ChatGPT releases a new plug in that could change data analysis, Threads continues to grow to almost 100 million users and Robots hold a press conference to tell us that they are not after our jobs.
These and more top tech news stories on Hashtag Trending.
I’m your host Jim Love, CIO of IT World Canada and Tech News Day in the US.
ChatGPT announced the general availability of GPT-4 last week and that in itself is a milestone of interest to users of the free version. Paid users have had access to GTP-4 for a few months along with a list of plug-ins that extend its use, allowing, for example, access to the internet beyond ChatGPT’s previous limit of September 2021. These plug-ins are in beta, but many are quite reliable and robust, adding significant capabilities to the existing model.
But two announcements made by OpenAI have some real significance. One was about an upcoming “tuning” of GPT-4 which some report will have a significant impact and increase its capabilities by an amazing amount. We’ll pursue this further and have an update later this week.
But it also has some abilities that go well beyond coding and at least in early exploration, I don’t want to use superlatives too much but this may revolutionize data analysis. Yes, I said, revolutionize.
Code interpreter will allow the user to link a file and have GPT-4 analyze the data, even performing mathematical analysis, give insights into the data and even create charts.
The data supplied to it need not be formatted, and can even come from documents like PDFs.

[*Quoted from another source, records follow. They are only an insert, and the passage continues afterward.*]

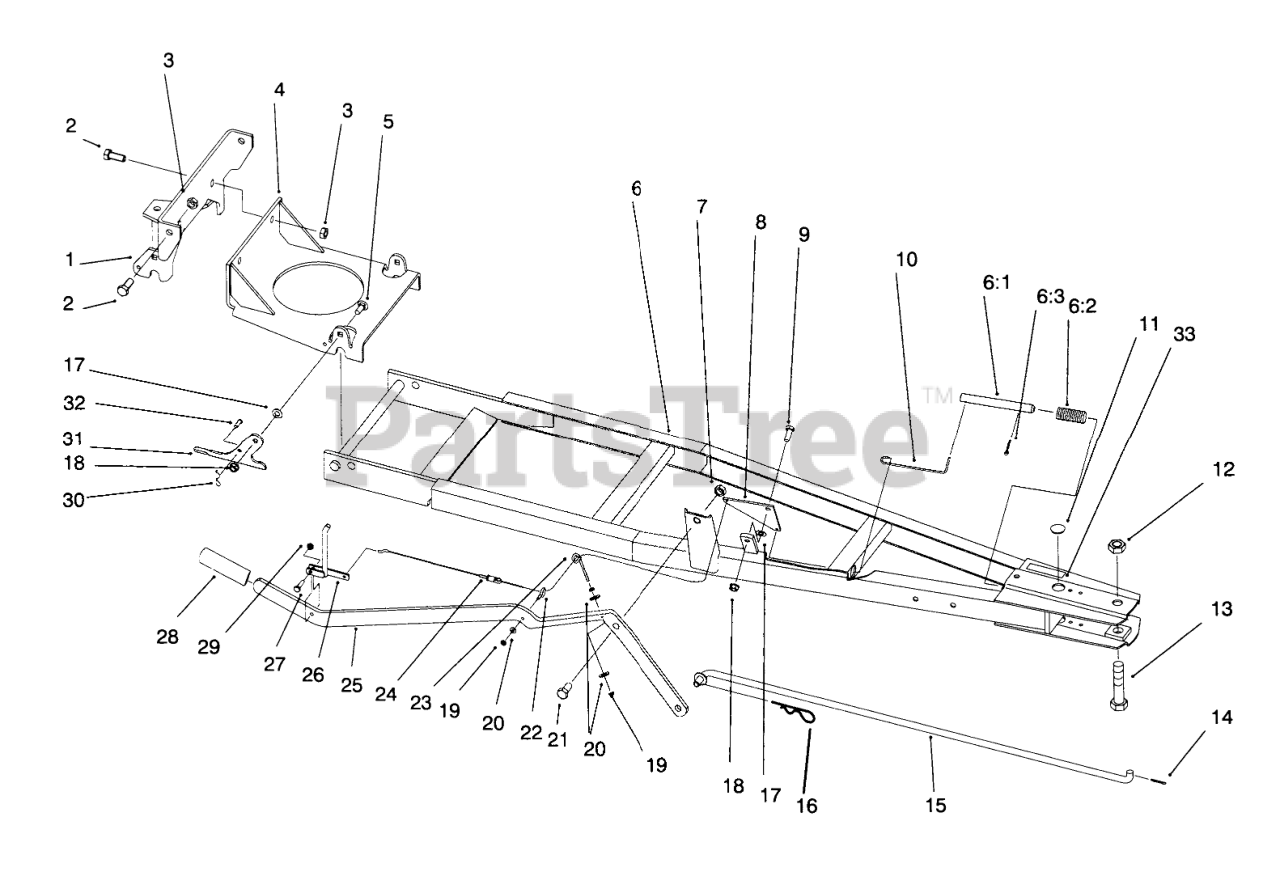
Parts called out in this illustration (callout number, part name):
1	BRACKET-MOUNTING
2	SCREW-HH
3	NUT-LOCK, NI
4	BRKT - BLDE MTG WA BLACK
5	BOLT-CARR
6	Frame
6:1	PIN-INDEX
6:2	SPRING-COMPRESSION
6:3	PIN-COTTER
7	NUT-JAM
8	PLATE - INDEX
9	SCREW-HH
10	ROD-LOWER INDEX
11	PLUG
12	NUT-LOCK
13	SCREW-HH
14	PIN-COTTER
16	PIN-HAIR
17	WASHER-FLAT
18	NUT-LOCK, NI
19	NUT-LOCK, NI
20	WASHER-FLAT
21	SCREW-HH
22	EYEBOLT
23	EYELET - CABLE
24	CABLE ASM - LIFT
25	Lever-Blade
26	LEVER-INDEX
27	SCREW-HH
28	GRIP
29	NUT-LOCK
30	PIN-HAIR
31	PLATE-LATCHING
32	PIN-CLEVIS

From early reviews of those who have used it and demos, the potential for this new plug-in is extraordinary. Our own analytics area will be diving into this and we’ll have more news in ITWorldCanada.com
Sources include: Too many to list (we’ve been looking at this all weekend on articles, papers and YouTube videos and we used GPT-4 to provide us with additional information) but there’s a good summary at Plain English and the Indian Express
Mark Zuckerberg’s new “twitter killer” continues to grow. According to various sources the new social media program had the fastest initial growth of any application in its first hour, beating even ChatGPT. Over the weekend, Threads reached 100 million users signed up, a feat that took Twitter over four years to accomplish.
Zuckerberg has promised that this would be a “kinder and gentler” social world than Twitter.
That will present a challenge as there have been reports of right wing groups migrating to Threads and how well that is managed will be challenging, especially as Threads also plans to open itself to the network of other social media servers referred to as the Fediverse and representing networks like Mastodon and others.
But Zuckerberg said, ‘We are definitely focusing on kindness and making this a friendly space’, Zuckerberg said in response to an early Threads user this week. ‘The goal is to keep [Threads] friendly as it expands.’
And with 100 million users, that message is definitively taking root.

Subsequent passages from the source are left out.